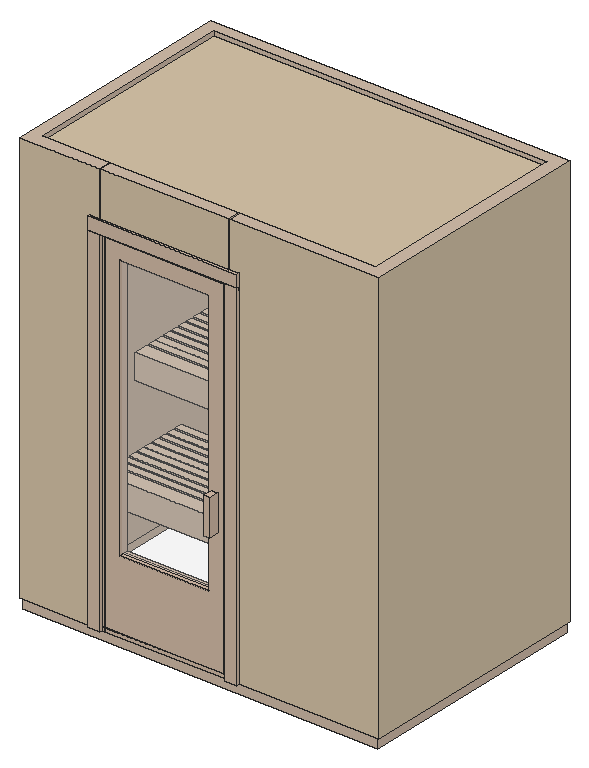
Revit family "Sauna-Room_Prefab_Finlandia_FPF-46", category Specialty Equipment, Revit 2026
Family settings
  Round Connector Dimension = Use Diameter
  Part Type = Normal
  Classification Number = 23.40.50.34.37
  Work Plane-Based = Yes
  Enable Cutting in Views = No
  Always vertical = No
  Cut with Voids When Loaded = No
  Maintain Annotation Orientation = No
  Shared = No
  Room Calculation Point = No
Parameters (values of type "Indoor Reversed as Specified")
  Warranty Duration (Years) = 0
  Wall Thickness = 0' - 2 1/2"
  Unit Width = 6' - 0"
  Unit Height = 7' - 1"
  Unit Depth = 4' - 0"
  URL = "http://www.finlandiasauna.com/index.html"
  Structural Frame Material [instance] = Wood - Red Cedar - Finlandia - Finish as Specified
  Standard = not(Reversed)  # no
  Specification = "http://www.arcat.com/sdspecs/htm/13052fin.htm"
  SpecWizard = ""
  Send Message = "http://www.arcat.com/users.pl?action=UserEmail&amp;company=Finlandia+Sauna+Products,+Inc.&amp;coid=32492&amp;rep=133&amp;fax=503-684-1120&amp;mf=95"
  Sales Information = "http://www.finlandiasauna.com/sauna-contactus.html"
  Revision = "R1_2014-07"
  Reversed = yes
  Product Properties = ""
  Product Data = "http://www.arcat.com/arcatcos/cos9532/arc32492.html"
  Model = "FPF 46"
  Manufacturer Website = "http://www.finlandiasauna.com/index.html"
  Manufacturer Phone - Toll Free = "800-354-3342"
  Manufacturer Phone = "503-684-8289"
  Manufacturer Fax = "503-684-1120"
  Manufacturer Address = "14010-B S.W. 72nd Ave.  Portland, OR 97224-0088"
  Manufacturer = "Finlandia Sauna Products, Inc."
  Maintenance Schedule (Months) = 0
  Keynote = "13052"
  Interior Finish [instance] = Wood - TnG - Finlandia - Red Cedar as Specified
  Installation-Fabrication = ""
  Installation Phase = ""
  Heater Type [instance] = SaunaHeater : FIN 3 kW
  Green Building-LEED = "http://www.arcat.com/green/clients95/leed_data_32492.html"
  Exterior Finish [instance] = Wood - Mahogany - Finlandia - Finish as Specified
  Exposed Base [instance] = 0' - 2"
  Expected Lifespan (Years) = 0
  Drawn By = "Sumex Design, Inc. / Robert S. Weygant, CSI, CDT, SCIP"
  DoorOffset = if(Reversed, Unit Width - 1' 4" - Door RO Width, 1' 4")  # 2' - 6"
  Door Slab Finish [instance] = Wood - Douglas Fir - Finlandia - Finish as Specified
  Door RO Width = 2' - 2"
  Door RO Height [instance] = 6' - 0"
  Door Glazing Tint [instance] = Glazing - Finlandia - Clear
  Door Frame Finish [instance] = Wood - Douglas Fir - Finlandia - Finish as Specified
  Description = "Finlandia Prefab Modular Sauna Room - FPF 46 as Specified"
  Default Elevation = 0' - 0"
  Copyright = "©Arcat Inc."
  Construction Details = "http://www.arcat.com/details/finsauna/95finsauna.html?coid=32492"
  Capacity = "2 to 3 People"
  Bench Slat Material [instance] = Wood - Red Cedar - Finlandia - Finish as Specified
  Assembly Code = "F1010300"
Types (2): name | Standard | Reversed | DoorOffset
  Indoor Reversed as Specified | no | yes | 2' - 6"
  Indoor Standard as Specified | yes | no | 1' - 4"
Reference planes (in)
  plane 1 "Center (Front/Back)": y = 0
  plane 2 "Bottom": z = 0
  plane 3 "Center (Left/Right)": x = 0
  plane 4 "Front": y = -24
  plane 5 "Back": y = 24
  plane 6 "Left": x = -36
  plane 7 "Right": x = 36
  plane 8 "Top": z = 85
  plane 9: x = -33.5
  plane 10: x = 33.5
  plane 11: y = 21.5
  plane 12: y = -21.5
  plane 13: z = 2
  plane 14: x = -20
  plane 15: x = 6
  plane 16: z = 74
Forms (in)
  Extrusion 1, solid, material "Wood - Red Cedar - Finlandia - Finish as Specified" <- "Structural Frame Material"
    sketch origin (0, 0, 0) x (1, 0, 0) y (0, 1, 0)
      loop
        line (-35.65625, 23.65625) -> (-35.65625, -23.65625) -> (35.65625, -23.65625) -> (35.65625, 23.65625) -> (-35.65625, 23.65625)
      loop
        line (-34.15625, 22.15625) -> (-34.15625, -22.15625) -> (34.15625, -22.15625) -> (34.15625, 22.15625) -> (-34.15625, 22.15625)
    from 0 to 2
  Extrusion 2, solid, material "Wood - Red Cedar - Finlandia - Finish as Specified" <- "Structural Frame Material"
    sketch origin (0, 0, 0) x (1, 0, 0) y (0, 1, 0)
      loop
        line (-33.5, -21.5) -> (-33.5, 21.5) -> (33.5, 21.5) -> (33.5, -21.5) -> (6, -21.5) -> (6, -24) -> (36, -24) -> (36, 24) -> (-36, 24) -> (-36, -24) -> (-20, -24) -> (-20, -21.5) -> (-33.5, -21.5)
    from 2 to 85
  Sweep 3, solid, material "Wood - Red Cedar - Finlandia - Finish as Specified" <- "Bench Slat Material"
    path origin (-77.70319, 6.79815, 0) x (-1, 0, 0) y (0, 1, 0)
      loop
        line (-111.20319, 14.70185) -> (-44.20319, 14.70185)
    profile "Bench : Bench" origin (0, 21.5, 0) x (0, -1, 0) y (0, 0, 1)
      loop
        line (0, 31.5) -> (18.5, 31.5) -> (18.5, 31) -> (20, 31) -> (20, 36) -> (17, 36) -> (17, 34.5) -> (16.625, 34.5) -> (16.625, 36) -> (15.125, 36) -> (15.125, 34.5) -> (14.75, 34.5) -> (14.75, 36) -> (13.25, 36) -> (13.25, 34.5) -> (12.875, 34.5) -> (12.875, 36) -> (11.375, 36) -> (11.375, 34.5) -> (11, 34.5) -> (11, 36) -> (9.5, 36) -> (9.5, 34.5) -> (9.125, 34.5) -> (9.125, 36) -> (7.625, 36) -> (7.625, 34.5) -> (7.25, 34.5) -> (7.25, 36) -> (5.75, 36) -> (5.75, 34.5) -> (5.375, 34.5) -> (5.375, 36) -> (3.875, 36) -> (3.875, 34.5) -> (3.5, 34.5) -> (3.5, 36) -> (2, 36) -> (2, 34.5) -> (1.625, 34.5) -> (1.625, 36) -> (0, 36) -> (0, 31.5)
  Sweep 4, solid, material "Wood - Red Cedar - Finlandia - Finish as Specified" <- "Bench Slat Material"
    path origin (-77.70319, -13.20185, 0) x (-1, 0, 0) y (0, 1, 0)
      loop
        line (-111.20319, 24.70185) -> (-44.20319, 24.70185)
    profile "Bench : Bench" origin (0, 11.5, 0) x (0, -1, 0) y (0, 0, 1)
      loop
        line (-1.5, 13.5) -> (17, 13.5) -> (17, 13) -> (18.5, 13) -> (18.5, 18) -> (15.5, 18) -> (15.5, 16.5) -> (15.125, 16.5) -> (15.125, 18) -> (13.625, 18) -> (13.625, 16.5) -> (13.25, 16.5) -> (13.25, 18) -> (11.75, 18) -> (11.75, 16.5) -> (11.375, 16.5) -> (11.375, 18) -> (9.875, 18) -> (9.875, 16.5) -> (9.5, 16.5) -> (9.5, 18) -> (8, 18) -> (8, 16.5) -> (7.625, 16.5) -> (7.625, 18) -> (6.125, 18) -> (6.125, 16.5) -> (5.75, 16.5) -> (5.75, 18) -> (4.25, 18) -> (4.25, 16.5) -> (3.875, 16.5) -> (3.875, 18) -> (2.375, 18) -> (2.375, 16.5) -> (2, 16.5) -> (2, 18) -> (0.5, 18) -> (0.5, 16.5) -> (0.125, 16.5) -> (0.125, 18) -> (-1.5, 18) -> (-1.5, 13.5)
  Extrusion 5, solid, material "Wood - Red Cedar - Finlandia - Finish as Specified" <- "Structural Frame Material"
    sketch origin (-43.59721, -180, 85) x (-1, 0, 0) y (0, -1, 0)
      loop
        line (-23.59721, -158.5) -> (-23.59721, -156) -> (-49.59721, -156) -> (-49.59721, -158.5) -> (-23.59721, -158.5)
    from 0 to -11
  Extrusion 6, solid, material "Wood - Mahogany - Finlandia - Finish as Specified" <- "Exterior Finish"
    sketch origin (-43.59721, -180, 85) x (-1, 0, 0) y (0, -1, 0)
      loop
        line (-10.09721, -201.5) -> (-10.09721, -158.5) -> (-77.09721, -158.5) -> (-77.09721, -201.5) -> (-10.09721, -201.5)
    from -3.875 to -0.75
  Extrusion 7, solid, material "Wood - Red Cedar - Finlandia - Finish as Specified" <- "Bench Slat Material", visible <- "Standard"
    sketch origin (0, 0, 0) x (1, 0, 0) y (0, 1, 0)
      loop
        line (-10, -21.5) -> (-8.5, -21.5) -> (-8.5, -7.5) -> (-33.5, -7.5) -> (-33.5, -9) -> (-10, -9) -> (-10, -21.5)
    from 0 to 31.5
  Extrusion 8, solid, material "Wood - Red Cedar - Finlandia - Finish as Specified" <- "Bench Slat Material", visible <- "Reversed"
    sketch origin (0, 0, 0) x (-1, 0, 0) y (0, -1, 0)
      loop
        line (-10, 21.5) -> (-10, 9) -> (-33.5, 9) -> (-33.5, 7.5) -> (-8.5, 7.5) -> (-8.5, 21.5) -> (-10, 21.5)
    from 0 to 31.5
Dimensions and locks (in)
  equal spacing: plane 6 "Left", plane 3 "Center (Left/Right)", plane 7 "Right"
  "Unit Width": plane 6 "Left" to plane 7 "Right"
  equal spacing: plane 5 "Back", plane 1 "Center (Front/Back)", plane 4 "Front"
  "Unit Depth": plane 5 "Back" to plane 4 "Front"
  "Unit Height": plane 8 "Top" to level
  "Wall Thickness": plane 5 "Back" to plane 11
  "Wall Thickness": plane 12 to plane 4 "Front"
  "Wall Thickness": plane 6 "Left" to plane 9
  "Wall Thickness": plane 10 to plane 7 "Right"
  "Exposed Base": plane 13 to level
  plane 6 "Left" to Extrusion 1 sketch curve to Extrusion 1 sketch curve = 0' - 0 11/32" locked, 0' - 1 1/2" locked
  Extrusion 1 sketch curve to Extrusion 1 sketch curve to plane 7 "Right" = 0' - 1 1/2" locked, 0' - 0 11/32" locked
  plane 5 "Back" to Extrusion 1 sketch curve to Extrusion 1 sketch curve = 0' - 0 11/32" locked, 0' - 1 1/2" locked
  Extrusion 1 sketch curve to Extrusion 1 sketch curve to plane 4 "Front" = 0' - 1 1/2" locked, 0' - 0 11/32" locked
  "Door RO Width": plane 14 to plane 15
  "DoorOffset": plane 15 to plane 7 "Right"
  locked: plane 11 to Sweep 4 sketch curve at 10
  plane 9 to Sweep 4 sketch curve = 0' - 0"
  Sweep 4 sketch curve to plane 10 = 0' - 0"
  Sweep 3 sketch curve to plane 10 = 0' - 0"
  plane 9 to Sweep 3 sketch curve = 0' - 0"
  "Door RO Height": plane 16 to plane 13
  locked: nested 2 to plane 12 at 1
  locked: plane 9 to nested 2 at 1
  locked: nested 3 to plane 10 at 1
  locked: nested 3 to plane 12 at 1
  plane 9 to Extrusion 7 sketch curve to Extrusion 7 sketch curve = 1' - 11 1/2" locked, 0' - 1 1/2" locked
  Extrusion 8 sketch curve to Extrusion 8 sketch curve to plane 10 = 0' - 1 1/2" locked, 1' - 11 1/2" locked
  aligned: Extrusion 1 to plane 13
  aligned and locked: Extrusion 2 sketch curve to plane 9
  aligned and locked: Extrusion 2 sketch curve to plane 11
  aligned and locked: Extrusion 2 sketch curve to plane 10
  aligned and locked: Extrusion 2 sketch curve to plane 12
  aligned and locked: Extrusion 2 to plane 13
  aligned and locked: Extrusion 1 to plane 13
  aligned and locked: Extrusion 2 sketch curve to plane 4 "Front"
  aligned and locked: Extrusion 2 sketch curve to plane 7 "Right"
  aligned and locked: Extrusion 2 sketch curve to plane 5 "Back"
  aligned and locked: Extrusion 2 sketch curve to plane 6 "Left"
  aligned and locked: plane 8 "Top" to Extrusion 2
  aligned and locked: Sweep 3 sketch curve to plane 11
  aligned and locked: plane 15 to nested 1
  aligned and locked: nested 1 to plane 12
  aligned and locked: plane 14 to Extrusion 2 sketch curve
  aligned and locked: plane 15 to Extrusion 2 sketch curve
  aligned and locked: Extrusion 5 sketch curve to plane 15
  aligned and locked: plane 14 to Extrusion 5 sketch curve
  aligned and locked: Extrusion 5 sketch curve to plane 12
  aligned and locked: plane 4 "Front" to Extrusion 5 sketch curve
  aligned and locked: Extrusion 5 to plane 16
  aligned and locked: Extrusion 6 sketch curve to plane 10
  aligned and locked: Extrusion 6 sketch curve to plane 11
  aligned and locked: Extrusion 6 sketch curve to plane 9
  aligned and locked: Extrusion 6 sketch curve to plane 12
  aligned and locked: Extrusion 8 sketch curve to plane 10
  aligned and locked: Extrusion 7 sketch curve to plane 9
Automatic sketch dimensions
  Extrusion 2 sketch curve to plane 4 "Front" = 0' - 0"
  plane 12 to Extrusion 2 sketch curve = 0' - 0"
  Extrusion 8 sketch curve to plane 12 = 0' - 0"
  Extrusion 8 sketch curve to plane 1 "Center (Front/Back)" = 0' - 9"
  Extrusion 8 sketch curve to Extrusion 8 sketch curve = 0' - 1 1/2"
  Extrusion 7 sketch curve to plane 12 = 0' - 0"
  plane 1 "Center (Front/Back)" to Extrusion 7 sketch curve = 0' - 9"
  Extrusion 7 sketch curve to Extrusion 7 sketch curve = 0' - 1 1/2"
Nested families (in)
  nested 1: "Door" at (-7, -22.75, 2), Swing Right <- "Standard", Swing Left <- "Reversed", frame finish <- "Door Frame Finish", glazing <- "Door Glazing Tint", door finish <- "Door Slab Finish", Wall Thickness <- "Wall Thickness", Rough Width <- "Door RO Width", Rough Height <- "Door RO Height", type "Standard"
    with glazing Glazing - Finlandia - Clear, frame finish Wood - Douglas Fir - Finlandia - Finish as Specified, door finish Wood - Douglas Fir - Finlandia - Finish as Specified, built-in parameter 1001301 2' - 0", Wall Thickness 0' - 2 1/2", Swing Right no, Swing Left yes, built-in parameter 1001305 2' - 2", built-in parameter 1001304 6' - 0"
  nested 2: "SaunaHeater" at (-24.5, -15, 0), type <- "Heater Type", visible <- "Standard", type "FIN 3 kW"
    with Width 1' - 4", Height 2' - 0", Depth 0' - 11"
  nested 3: "SaunaHeater" at (24.5, -15, 0) x (-1, 0, 0) z (0, 0, 1), type <- "Heater Type", visible <- "Reversed", type "FIN 3 kW"
    with Width 1' - 4", Height 2' - 0", Depth 0' - 11"
Connectors (in)
  electrical at (0, 0, 84.25)
    settings: on Extrusion 6, index 1, voltage 0 V, apparent load 0 VA, apparent load phase1 0 VA, apparent load phase2 0 VA, apparent load phase3 0 VA, power factor 1, load classification "Other", number of poles 1, system type 31, power factor state 1, is connector primary yes, connector utility no, sub classification motor no, connector description ""
Definition of nested family "Door"
  Parameters
    glazing [instance] = none
    frame finish [instance] = none
    door finish [instance] = none
    Width [instance] = Rough Width - 0' 2"  # 2' - 0"
    Wall Thickness [instance] = 1' - 2"
    Swing Right [instance] = yes
    Swing Left [instance] = yes
    Rough Width [instance] = 2' - 2"
    Rough Height [instance] = 4' - 11.36872"
    Default Elevation = 4' - 0"
    Assembly Code = ""
  Reference planes (in)
    plane 1 "Center (Front/Back)": y = 0
    plane 2: z = 0
    plane 3 "Center (Left/Right)": x = 0
    plane 4: x = -13
    plane 5: x = 13
    plane 6: y = 7
    plane 7: y = -7
    plane 8: z = 59.36872
    plane 9: x = -15
    plane 10: x = 15
    plane 11: y = -31
  Forms (in)
    Extrusion 1, solid, material <- "frame finish"
      sketch origin (-22.33749, -180, 59.36872) x (-1, 0, 0) y (0, -1, 0)
        loop
          line (-9.33749, -187) -> (-9.33749, -173) -> (-7.33749, -173) -> (-7.33749, -172.5) -> (-9.83749, -172.5) -> (-9.83749, -173) -> (-10.33749, -173) -> (-10.33749, -187.5) -> (-7.33749, -187.5) -> (-7.33749, -187) -> (-9.33749, -187)
        loop
          line (-35.33749, -187) -> (-37.33749, -187) -> (-37.33749, -187.5) -> (-34.33749, -187.5) -> (-34.33749, -173) -> (-34.83749, -173) -> (-34.83749, -172.5) -> (-37.33749, -172.5) -> (-37.33749, -173) -> (-35.33749, -173) -> (-35.33749, -187)
      from -59.36872 to -0.5
    Extrusion 2, solid, material <- "frame finish"
      sketch origin (0, 0, 0) x (0, 1, 0) y (0, 0, 1)
        loop
          line (7, 58.36872) -> (7, 58.86872) -> (7.5, 58.86872) -> (7.5, 61.36872) -> (7, 61.36872) -> (7, 59.36872) -> (-7, 59.36872) -> (-7, 61.36872) -> (-7.5, 61.36872) -> (-7.5, 58.86872) -> (-7, 58.86872) -> (-7, 58.36872) -> (7, 58.36872)
      from -15 to 15
    Extrusion 3, solid, material <- "frame finish"
      sketch origin (0, 0, 0) x (1, 0, 0) y (0, 1, 0)
        loop
          line (-12, -5.25) -> (-11.25, -5.25) -> (-11.25, -4.375) -> (-12, -4.375) -> (-12, -5.25)
        loop
          line (12, -5.25) -> (12, -4.375) -> (11.25, -4.375) -> (11.25, -5.25) -> (12, -5.25)
      from 0 to 59.36872
    Extrusion 4, solid, material <- "frame finish"
      sketch origin (0, 0, 0) x (0, 1, 0) y (0, 0, 1)
        loop
          line (-5.25, 58.36872) -> (-5.25, 57.86872) -> (-4.375, 57.86872) -> (-4.375, 58.36872) -> (-5.25, 58.36872)
      from -13 to 13
    Extrusion 5, solid, material <- "door finish"
      sketch origin (-22.31101, -7, 48) x (-1, 0, 0) y (0, 0, 1)
        loop
          line (-34.31101, -47.25) -> (-10.31101, -47.25) -> (-10.31101, 10.36872) -> (-34.31101, 10.36872) -> (-34.31101, -47.25)
        loop
          line (-13.31101, 7.36872) -> (-31.31101, 7.36872) -> (-31.31101, -33.25) -> (-13.31101, -33.25) -> (-13.31101, 7.36872)
      from 0 to 1.75
    Extrusion 6, solid, material <- "frame finish"
      sketch origin (0, 0, 0) x (0, 1, 0) y (0, 0, 1)
        loop
          line (-7, 0.75) -> (-7, 0) -> (7, 0) -> (7, 0.75) -> (-7, 0.75)
      from -13 to 13
    Extrusion 7, solid, material <- "glazing"
      sketch origin (-22.31101, -7, 48) x (-1, 0, 0) y (0, 0, 1)
        loop
          line (-13.31101, 7.36872) -> (-31.31101, 7.36872) -> (-31.31101, -33.25) -> (-13.31101, -33.25) -> (-13.31101, 7.36872)
      from 1.125 to 0.625
    Extrusion 8, solid, material <- "door finish", visible <- "Swing Right"
      sketch origin (-22.31101, -7, 48) x (-1, 0, 0) y (0, 0, 1)
        loop
          line (-11.5611, -15.059) -> (-12.8111, -15.059) -> (-12.8111, -22.309) -> (-11.5611, -22.309) -> (-11.5611, -15.059)
      from 0 to -2
    Extrusion 9, solid, material <- "door finish", visible <- "Swing Left"
      sketch origin (-22.31101, -7, 48) x (-1, 0, 0) y (0, 0, 1)
        loop
          line (-33.06091, -15.059) -> (-33.06091, -22.309) -> (-31.81091, -22.309) -> (-31.81091, -15.059) -> (-33.06091, -15.059)
      from 0 to -2
  Lines and regions (in)
    symbolic lines, visible <- "Swing Right"
      curve 1: line (12, -7, 0) -> (12, -31, 0)
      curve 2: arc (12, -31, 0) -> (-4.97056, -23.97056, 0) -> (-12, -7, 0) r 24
---
_Assigned task:_
Find "Work Plane-Based = Yes" in the entries above and copy that whole line exactly, then each line after it through the line that contains "Exposed Base [instance]".

_Output:_
  Work Plane-Based = Yes
  Enable Cutting in Views = No
  Always vertical = No
  Cut with Voids When Loaded = No
  Maintain Annotation Orientation = No
  Shared = No
  Room Calculation Point = No
Parameters (values of type "Indoor Reversed as Specified")
  Warranty Duration (Years) = 0
  Wall Thickness = 0' - 2 1/2"
  Unit Width = 6' - 0"
  Unit Height = 7' - 1"
  Unit Depth = 4' - 0"
  URL = "http://www.finlandiasauna.com/index.html"
  Structural Frame Material [instance] = Wood - Red Cedar - Finlandia - Finish as Specified
  Standard = not(Reversed)  # no
  Specification = "http://www.arcat.com/sdspecs/htm/13052fin.htm"
  SpecWizard = ""
  Send Message = "http://www.arcat.com/users.pl?action=UserEmail&amp;company=Finlandia+Sauna+Products,+Inc.&amp;coid=32492&amp;rep=133&amp;fax=503-684-1120&amp;mf=95"
  Sales Information = "http://www.finlandiasauna.com/sauna-contactus.html"
  Revision = "R1_2014-07"
  Reversed = yes
  Product Properties = ""
  Product Data = "http://www.arcat.com/arcatcos/cos9532/arc32492.html"
  Model = "FPF 46"
  Manufacturer Website = "http://www.finlandiasauna.com/index.html"
  Manufacturer Phone - Toll Free = "800-354-3342"
  Manufacturer Phone = "503-684-8289"
  Manufacturer Fax = "503-684-1120"
  Manufacturer Address = "14010-B S.W. 72nd Ave.  Portland, OR 97224-0088"
  Manufacturer = "Finlandia Sauna Products, Inc."
  Maintenance Schedule (Months) = 0
  Keynote = "13052"
  Interior Finish [instance] = Wood - TnG - Finlandia - Red Cedar as Specified
  Installation-Fabrication = ""
  Installation Phase = ""
  Heater Type [instance] = SaunaHeater : FIN 3 kW
  Green Building-LEED = "http://www.arcat.com/green/clients95/leed_data_32492.html"
  Exterior Finish [instance] = Wood - Mahogany - Finlandia - Finish as Specified
  Exposed Base [instance] = 0' - 2"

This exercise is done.